- Exercise directions -
In the listing below, the lines starting with the line with "#21582 = CARTESIAN_POINT" and going on through the line with "#21616 = CARTESIAN_POINT" are to be reproduced exactly, and only those.

═════ Records to use ═════

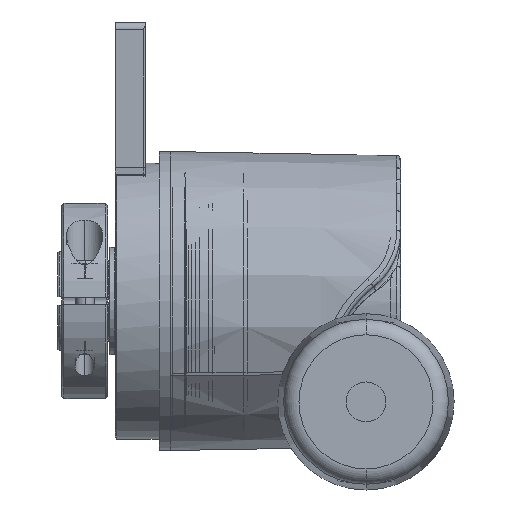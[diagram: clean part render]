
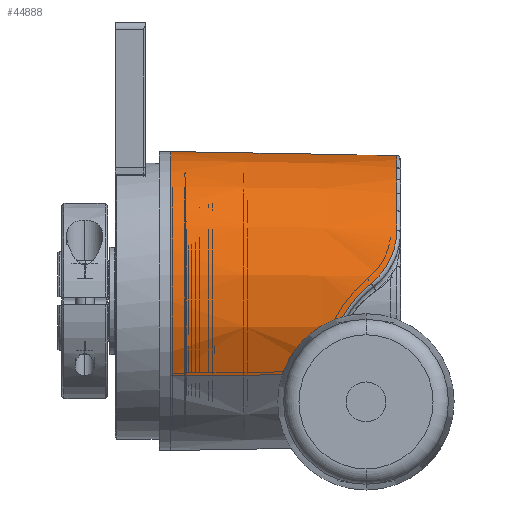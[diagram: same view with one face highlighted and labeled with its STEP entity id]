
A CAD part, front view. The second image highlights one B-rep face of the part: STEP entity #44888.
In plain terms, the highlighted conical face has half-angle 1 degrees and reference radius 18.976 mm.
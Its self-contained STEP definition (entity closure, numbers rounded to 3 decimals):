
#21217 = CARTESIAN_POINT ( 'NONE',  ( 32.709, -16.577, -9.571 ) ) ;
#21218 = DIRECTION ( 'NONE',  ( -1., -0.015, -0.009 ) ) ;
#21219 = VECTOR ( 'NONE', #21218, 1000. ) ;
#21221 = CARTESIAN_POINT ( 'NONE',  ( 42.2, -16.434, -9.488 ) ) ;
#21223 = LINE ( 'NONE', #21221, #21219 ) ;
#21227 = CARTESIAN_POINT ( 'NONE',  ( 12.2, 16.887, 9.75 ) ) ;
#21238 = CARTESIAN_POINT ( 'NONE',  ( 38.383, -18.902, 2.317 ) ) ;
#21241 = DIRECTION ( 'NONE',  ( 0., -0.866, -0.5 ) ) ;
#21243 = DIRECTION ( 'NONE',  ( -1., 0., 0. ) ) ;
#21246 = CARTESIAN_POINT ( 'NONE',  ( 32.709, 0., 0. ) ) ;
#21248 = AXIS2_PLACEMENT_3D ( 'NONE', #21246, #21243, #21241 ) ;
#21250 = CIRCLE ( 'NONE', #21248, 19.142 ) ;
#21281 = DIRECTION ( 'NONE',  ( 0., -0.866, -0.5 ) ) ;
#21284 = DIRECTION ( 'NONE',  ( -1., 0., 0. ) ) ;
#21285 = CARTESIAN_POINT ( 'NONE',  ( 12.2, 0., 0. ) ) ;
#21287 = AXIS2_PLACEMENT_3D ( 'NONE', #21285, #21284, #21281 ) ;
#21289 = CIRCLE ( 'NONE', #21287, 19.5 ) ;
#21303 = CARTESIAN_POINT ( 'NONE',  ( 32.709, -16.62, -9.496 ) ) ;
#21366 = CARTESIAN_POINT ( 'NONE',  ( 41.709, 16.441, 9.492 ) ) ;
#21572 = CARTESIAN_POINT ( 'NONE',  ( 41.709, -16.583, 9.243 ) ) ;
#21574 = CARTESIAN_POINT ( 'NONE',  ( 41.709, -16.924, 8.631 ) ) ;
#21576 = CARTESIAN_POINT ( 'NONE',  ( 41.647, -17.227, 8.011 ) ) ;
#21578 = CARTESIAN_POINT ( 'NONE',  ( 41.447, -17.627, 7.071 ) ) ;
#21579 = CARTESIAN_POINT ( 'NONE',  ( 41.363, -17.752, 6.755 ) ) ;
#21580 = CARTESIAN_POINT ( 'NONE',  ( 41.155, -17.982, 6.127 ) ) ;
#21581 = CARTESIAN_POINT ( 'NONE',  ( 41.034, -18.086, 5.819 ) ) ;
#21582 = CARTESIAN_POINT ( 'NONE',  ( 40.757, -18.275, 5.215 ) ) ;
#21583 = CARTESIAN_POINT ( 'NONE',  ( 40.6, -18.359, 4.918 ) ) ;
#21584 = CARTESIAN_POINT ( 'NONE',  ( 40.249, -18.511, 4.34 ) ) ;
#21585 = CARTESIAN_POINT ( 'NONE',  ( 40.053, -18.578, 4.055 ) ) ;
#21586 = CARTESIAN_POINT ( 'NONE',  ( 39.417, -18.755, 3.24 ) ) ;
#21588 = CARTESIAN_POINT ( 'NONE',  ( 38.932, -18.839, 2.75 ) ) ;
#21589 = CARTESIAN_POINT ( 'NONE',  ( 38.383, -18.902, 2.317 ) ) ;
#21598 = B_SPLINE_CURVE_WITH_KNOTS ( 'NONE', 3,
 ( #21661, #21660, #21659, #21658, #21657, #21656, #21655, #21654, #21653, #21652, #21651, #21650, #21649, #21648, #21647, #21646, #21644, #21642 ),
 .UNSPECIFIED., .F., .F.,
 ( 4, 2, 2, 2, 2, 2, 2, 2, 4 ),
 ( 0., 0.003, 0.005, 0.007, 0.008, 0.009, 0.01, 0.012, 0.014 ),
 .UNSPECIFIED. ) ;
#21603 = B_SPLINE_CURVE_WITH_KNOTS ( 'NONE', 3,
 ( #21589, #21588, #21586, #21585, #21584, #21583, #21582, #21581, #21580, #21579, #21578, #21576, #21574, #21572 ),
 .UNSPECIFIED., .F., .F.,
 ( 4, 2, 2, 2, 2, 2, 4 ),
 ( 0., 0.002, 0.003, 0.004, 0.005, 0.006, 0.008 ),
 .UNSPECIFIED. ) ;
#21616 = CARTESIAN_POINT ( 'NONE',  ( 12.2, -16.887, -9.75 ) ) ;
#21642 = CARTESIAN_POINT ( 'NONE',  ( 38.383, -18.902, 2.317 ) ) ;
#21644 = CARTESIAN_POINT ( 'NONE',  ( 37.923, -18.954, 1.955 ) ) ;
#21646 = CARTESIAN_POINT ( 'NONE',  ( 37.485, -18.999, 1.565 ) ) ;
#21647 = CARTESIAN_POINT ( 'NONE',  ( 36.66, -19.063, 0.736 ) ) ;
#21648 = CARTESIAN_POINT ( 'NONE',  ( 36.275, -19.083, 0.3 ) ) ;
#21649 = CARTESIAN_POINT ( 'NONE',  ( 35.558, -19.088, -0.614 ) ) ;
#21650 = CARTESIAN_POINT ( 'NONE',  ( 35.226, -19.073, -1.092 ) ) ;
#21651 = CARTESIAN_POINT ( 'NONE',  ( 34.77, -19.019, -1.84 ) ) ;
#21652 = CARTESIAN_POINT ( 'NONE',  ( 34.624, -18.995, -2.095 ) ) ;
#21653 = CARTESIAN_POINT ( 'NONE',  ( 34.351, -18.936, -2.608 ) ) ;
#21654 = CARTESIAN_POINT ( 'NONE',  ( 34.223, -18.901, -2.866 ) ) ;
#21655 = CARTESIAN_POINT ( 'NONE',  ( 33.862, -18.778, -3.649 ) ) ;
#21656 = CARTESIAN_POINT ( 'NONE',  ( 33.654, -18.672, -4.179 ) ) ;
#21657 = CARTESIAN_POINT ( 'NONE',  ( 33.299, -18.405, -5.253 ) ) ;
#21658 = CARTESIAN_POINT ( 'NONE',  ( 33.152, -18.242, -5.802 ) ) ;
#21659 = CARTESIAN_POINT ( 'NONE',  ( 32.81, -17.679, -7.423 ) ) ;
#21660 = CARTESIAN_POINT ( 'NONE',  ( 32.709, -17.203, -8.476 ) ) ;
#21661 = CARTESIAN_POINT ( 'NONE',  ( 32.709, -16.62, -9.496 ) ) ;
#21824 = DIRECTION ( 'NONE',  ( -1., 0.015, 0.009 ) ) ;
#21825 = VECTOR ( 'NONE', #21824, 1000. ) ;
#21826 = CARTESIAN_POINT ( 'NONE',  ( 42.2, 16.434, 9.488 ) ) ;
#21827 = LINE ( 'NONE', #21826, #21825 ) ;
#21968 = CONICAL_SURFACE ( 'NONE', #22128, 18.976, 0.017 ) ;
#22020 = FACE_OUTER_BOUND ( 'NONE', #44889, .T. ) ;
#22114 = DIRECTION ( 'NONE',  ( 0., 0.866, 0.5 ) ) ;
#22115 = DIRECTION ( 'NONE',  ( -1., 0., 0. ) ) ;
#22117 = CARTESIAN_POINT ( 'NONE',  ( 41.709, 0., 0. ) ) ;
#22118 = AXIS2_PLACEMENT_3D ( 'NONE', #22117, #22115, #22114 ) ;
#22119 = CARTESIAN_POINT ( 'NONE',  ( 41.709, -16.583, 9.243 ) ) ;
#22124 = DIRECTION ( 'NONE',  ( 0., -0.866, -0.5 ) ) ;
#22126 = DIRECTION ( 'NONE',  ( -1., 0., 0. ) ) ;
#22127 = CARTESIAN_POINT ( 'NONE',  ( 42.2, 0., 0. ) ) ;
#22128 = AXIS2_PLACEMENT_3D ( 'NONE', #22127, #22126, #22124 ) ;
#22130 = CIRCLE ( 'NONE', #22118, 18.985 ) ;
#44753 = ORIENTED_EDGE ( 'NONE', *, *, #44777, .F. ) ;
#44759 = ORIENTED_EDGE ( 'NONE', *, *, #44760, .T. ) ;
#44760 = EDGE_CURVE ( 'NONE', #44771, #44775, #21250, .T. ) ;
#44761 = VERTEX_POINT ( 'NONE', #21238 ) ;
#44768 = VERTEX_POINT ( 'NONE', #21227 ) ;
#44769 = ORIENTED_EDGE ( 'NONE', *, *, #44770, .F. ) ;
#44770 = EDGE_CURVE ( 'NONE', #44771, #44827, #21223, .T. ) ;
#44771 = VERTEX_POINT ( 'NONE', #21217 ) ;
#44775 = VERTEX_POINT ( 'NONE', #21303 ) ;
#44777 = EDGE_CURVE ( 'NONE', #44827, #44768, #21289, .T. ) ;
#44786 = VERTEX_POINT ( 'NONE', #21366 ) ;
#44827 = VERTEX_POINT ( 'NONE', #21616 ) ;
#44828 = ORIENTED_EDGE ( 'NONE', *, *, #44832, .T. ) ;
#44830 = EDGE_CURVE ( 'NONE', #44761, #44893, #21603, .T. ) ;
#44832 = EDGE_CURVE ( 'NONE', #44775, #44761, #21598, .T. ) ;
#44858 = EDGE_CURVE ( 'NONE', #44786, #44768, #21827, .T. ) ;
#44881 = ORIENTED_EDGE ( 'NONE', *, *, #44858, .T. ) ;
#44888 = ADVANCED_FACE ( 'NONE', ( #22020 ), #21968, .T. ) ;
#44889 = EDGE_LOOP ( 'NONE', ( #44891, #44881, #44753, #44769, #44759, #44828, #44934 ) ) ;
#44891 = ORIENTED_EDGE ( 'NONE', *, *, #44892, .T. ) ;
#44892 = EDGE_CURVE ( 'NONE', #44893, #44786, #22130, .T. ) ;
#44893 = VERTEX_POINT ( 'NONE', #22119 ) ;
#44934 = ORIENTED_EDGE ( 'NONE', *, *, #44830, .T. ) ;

═════

- Result of the exercise -
#21582 = CARTESIAN_POINT ( 'NONE',  ( 40.757, -18.275, 5.215 ) ) ;
#21583 = CARTESIAN_POINT ( 'NONE',  ( 40.6, -18.359, 4.918 ) ) ;
#21584 = CARTESIAN_POINT ( 'NONE',  ( 40.249, -18.511, 4.34 ) ) ;
#21585 = CARTESIAN_POINT ( 'NONE',  ( 40.053, -18.578, 4.055 ) ) ;
#21586 = CARTESIAN_POINT ( 'NONE',  ( 39.417, -18.755, 3.24 ) ) ;
#21588 = CARTESIAN_POINT ( 'NONE',  ( 38.932, -18.839, 2.75 ) ) ;
#21589 = CARTESIAN_POINT ( 'NONE',  ( 38.383, -18.902, 2.317 ) ) ;
#21598 = B_SPLINE_CURVE_WITH_KNOTS ( 'NONE', 3,
 ( #21661, #21660, #21659, #21658, #21657, #21656, #21655, #21654, #21653, #21652, #21651, #21650, #21649, #21648, #21647, #21646, #21644, #21642 ),
 .UNSPECIFIED., .F., .F.,
 ( 4, 2, 2, 2, 2, 2, 2, 2, 4 ),
 ( 0., 0.003, 0.005, 0.007, 0.008, 0.009, 0.01, 0.012, 0.014 ),
 .UNSPECIFIED. ) ;
#21603 = B_SPLINE_CURVE_WITH_KNOTS ( 'NONE', 3,
 ( #21589, #21588, #21586, #21585, #21584, #21583, #21582, #21581, #21580, #21579, #21578, #21576, #21574, #21572 ),
 .UNSPECIFIED., .F., .F.,
 ( 4, 2, 2, 2, 2, 2, 4 ),
 ( 0., 0.002, 0.003, 0.004, 0.005, 0.006, 0.008 ),
 .UNSPECIFIED. ) ;
#21616 = CARTESIAN_POINT ( 'NONE',  ( 12.2, -16.887, -9.75 ) ) ;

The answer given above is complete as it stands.